Bei Leistungsvergaben bleibt der öffentlich-rechtliche Entsorgungsträger zudem von den unkalkulierbaren Risiken wie Maschinenausfall weitestgehend verschont. Die Entsorgungsunternehmen haben im allgemeinen bessere Möglichkeiten des Ersatzes. Dieses und andere Standards können den Entsorgungsunternehmen auch im Rahmen der Leistungsvergabe abverlangt werden.
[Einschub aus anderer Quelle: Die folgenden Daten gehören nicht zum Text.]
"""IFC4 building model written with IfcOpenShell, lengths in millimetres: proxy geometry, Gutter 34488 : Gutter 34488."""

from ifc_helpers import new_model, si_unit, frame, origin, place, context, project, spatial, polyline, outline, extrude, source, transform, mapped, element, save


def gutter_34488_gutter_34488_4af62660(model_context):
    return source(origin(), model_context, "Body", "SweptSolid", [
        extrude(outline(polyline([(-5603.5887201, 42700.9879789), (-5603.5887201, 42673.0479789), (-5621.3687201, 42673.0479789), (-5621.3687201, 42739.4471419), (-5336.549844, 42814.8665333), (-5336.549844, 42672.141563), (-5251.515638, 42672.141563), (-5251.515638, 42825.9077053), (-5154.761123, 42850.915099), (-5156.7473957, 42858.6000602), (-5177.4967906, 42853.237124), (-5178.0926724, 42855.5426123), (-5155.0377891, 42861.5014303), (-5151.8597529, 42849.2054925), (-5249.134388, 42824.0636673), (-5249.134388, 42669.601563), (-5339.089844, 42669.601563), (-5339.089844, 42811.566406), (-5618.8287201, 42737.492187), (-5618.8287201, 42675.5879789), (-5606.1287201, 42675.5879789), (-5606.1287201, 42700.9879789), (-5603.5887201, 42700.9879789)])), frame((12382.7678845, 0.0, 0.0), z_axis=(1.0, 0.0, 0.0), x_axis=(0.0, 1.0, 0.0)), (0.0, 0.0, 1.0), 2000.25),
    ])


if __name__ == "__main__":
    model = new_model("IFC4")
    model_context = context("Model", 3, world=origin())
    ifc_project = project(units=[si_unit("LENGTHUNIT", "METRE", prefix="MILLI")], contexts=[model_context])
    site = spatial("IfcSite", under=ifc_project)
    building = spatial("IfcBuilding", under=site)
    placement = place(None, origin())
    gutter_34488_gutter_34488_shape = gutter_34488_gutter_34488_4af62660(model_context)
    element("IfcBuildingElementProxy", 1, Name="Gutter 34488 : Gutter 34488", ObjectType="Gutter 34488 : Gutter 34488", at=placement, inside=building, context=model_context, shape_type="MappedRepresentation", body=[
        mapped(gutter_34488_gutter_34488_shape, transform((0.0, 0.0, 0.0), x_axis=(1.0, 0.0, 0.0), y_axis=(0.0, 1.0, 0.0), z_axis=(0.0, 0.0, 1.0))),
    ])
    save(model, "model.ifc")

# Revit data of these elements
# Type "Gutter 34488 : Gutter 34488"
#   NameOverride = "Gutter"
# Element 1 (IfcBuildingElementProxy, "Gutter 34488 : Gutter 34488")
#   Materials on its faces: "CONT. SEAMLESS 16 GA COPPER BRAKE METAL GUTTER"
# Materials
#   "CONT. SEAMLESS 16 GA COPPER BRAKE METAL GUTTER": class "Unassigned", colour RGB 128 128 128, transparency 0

Die Erfahrung der zurückliegenden Jahre zeigt, dass im Kreis Coesfeld durchaus durch den bestehenden Wettbewerb gute Entsorgungspreise erzielt werden konnten. Eine Bewertung der derzeitig genannten teilweise sehr hohen Kostenreduzierungsquoten durch eine Rekommunalisierung ist ohne Detailwissen über die Vergleichszahlen – wie Preise aus den Altverträgen – und die Kostenansätze kaum möglich.
Wenn es gelingt, bei Ausschreibungen einen genügend großen Bieterkreis anzusprechen, die Leistungsstandards und -qualität genau zu definieren und deren Einhaltung kontinuierlich zu überwachen – dann muss der öffentlich-rechtliche Entsorgungsträger nicht selbst operativ tätig werden, um für seine Bürger und Bürgerinnen jederzeit eine wirtschaftliche und sichere Entsorgung zu gewährleisten.